Abstract
Which costs and benefits to consider in economic evaluations of healthcare interventions remains an area of much controversy. Unrelated medical costs in life-years gained is an important cost category that is normally ignored in economic evaluations, irrespective of the perspective chosen for the analysis. National guidelines for pharmacoeconomic research largely endorse this practice, either by explicitly requiring researchers to exclude these costs from the analysis or by leaving inclusion or exclusion up to the discretion of the analyst. However, the inclusion of unrelated medical costs in life-years gained appears to be gaining support in the literature.
This article provides an overview of the discussions to date. The inclusion of unrelated medical costs in life-years gained seems warranted, in terms of both optimality and internal and external consistency. We use an example of a smoking-cessation intervention to highlight the consequences of different practices of accounting for costs and effects in economic evaluations.

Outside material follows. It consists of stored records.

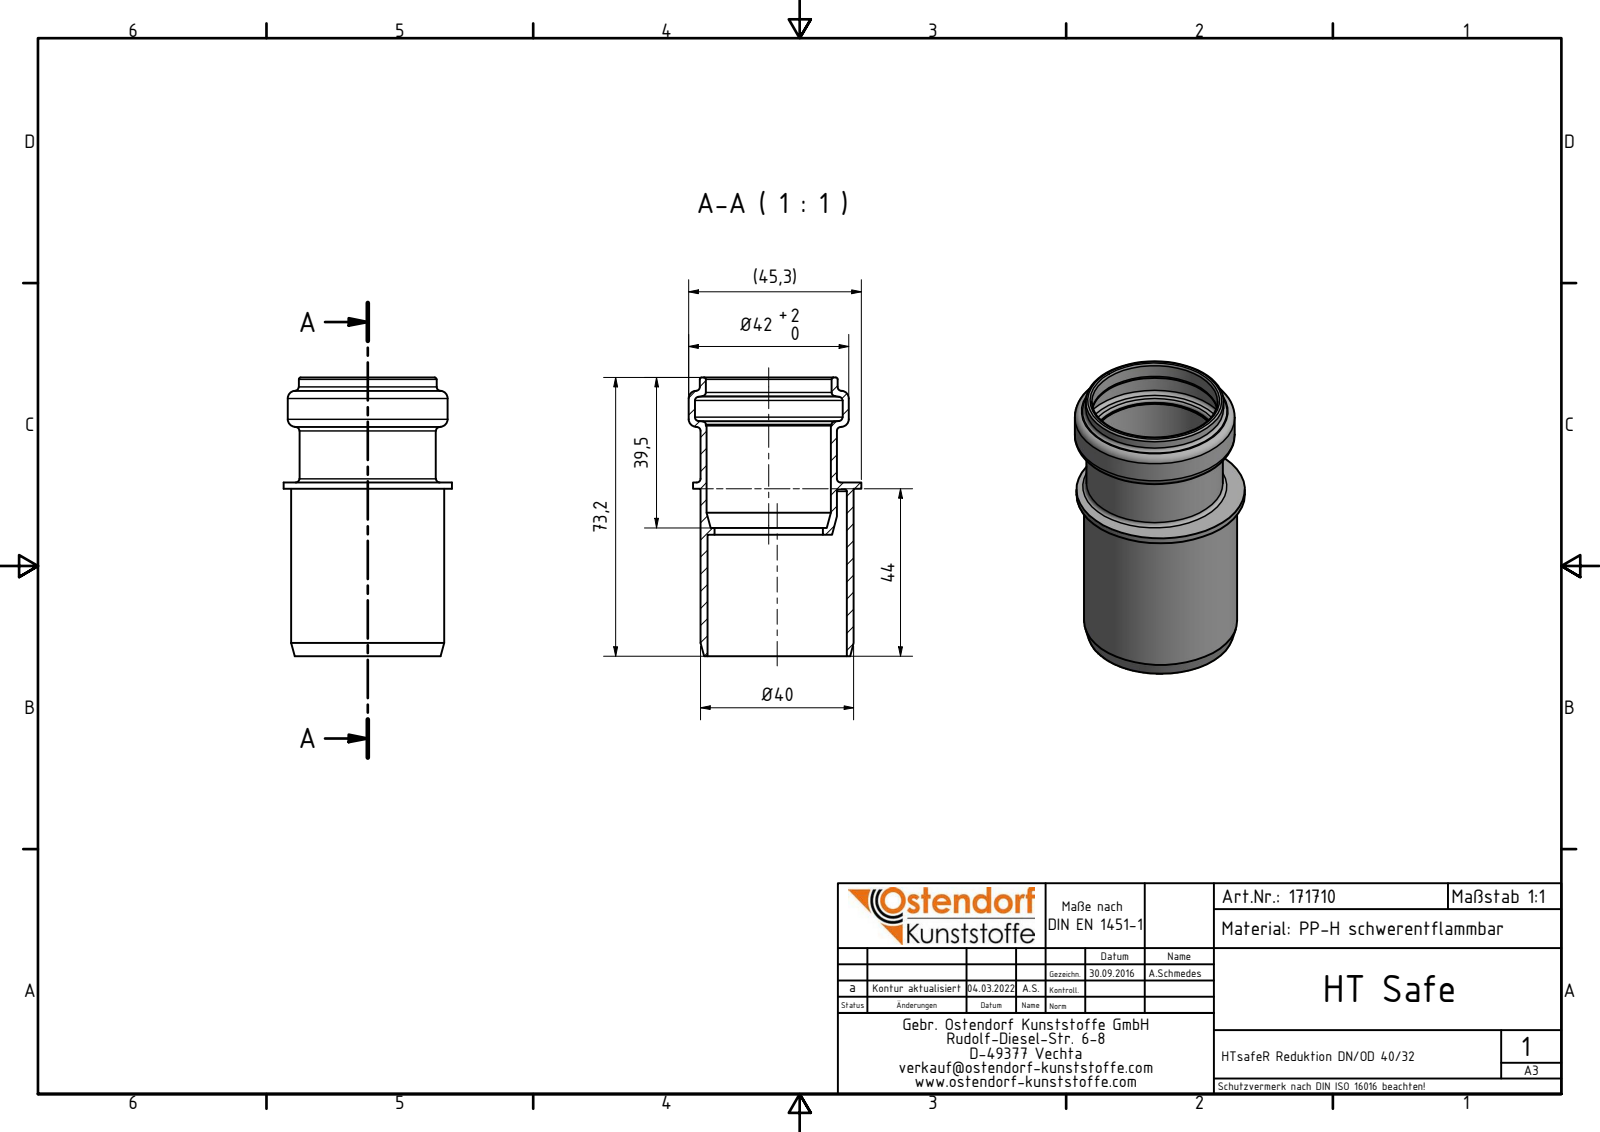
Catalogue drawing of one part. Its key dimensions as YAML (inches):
part_name: "171710 HTsafeR DN_OD 40_32"
step_written_by: "Autodesk Inventor 2020 (AUTOMOTIVE_DESIGN)"
units: inches
bodies: {solids: 1, faces: 40, planar: 8, cylindrical: 12, other: 20}
overall_size: [2.882, 1.783, 1.74]
volume: 1.106
surface_area: 32.47
round_holes:
  - {diameter: 1.118, count: 1}
  - {diameter: 1.283, count: 1}
  - {diameter: 1.299, count: 1}
  - {diameter: 1.441, count: 1}
  - {diameter: 1.528, count: 1}
round_bosses_or_shafts:
  - {diameter: 1.74, count: 1}
  - {diameter: 1.654, count: 1}
  - {diameter: 1.583, count: 1}
  - {diameter: 1.425, count: 1}
  - {diameter: 1.409, count: 1}
face_to_face_distances: [0.063, 0.476, 0.539, 0.071, 0.469, 1.256, 1.732, 1.795, 1.327, 0.406]
hole_center_spacings: [0.087]

Only inclusion of all costs and effects of unrelated medical care in life-years gained can be considered both internally and externally consistent. Including or excluding unrelated future medical costs may have important distributional consequences, especially for interventions that substantially increase length of life. Regarding practical objections against inclusion of future costs, it is important to note that it is becoming increasingly possible to accurately estimate unrelated medical costs in life-years gained. We therefore conclude that the inclusion of unrelated medical costs should become the new standard.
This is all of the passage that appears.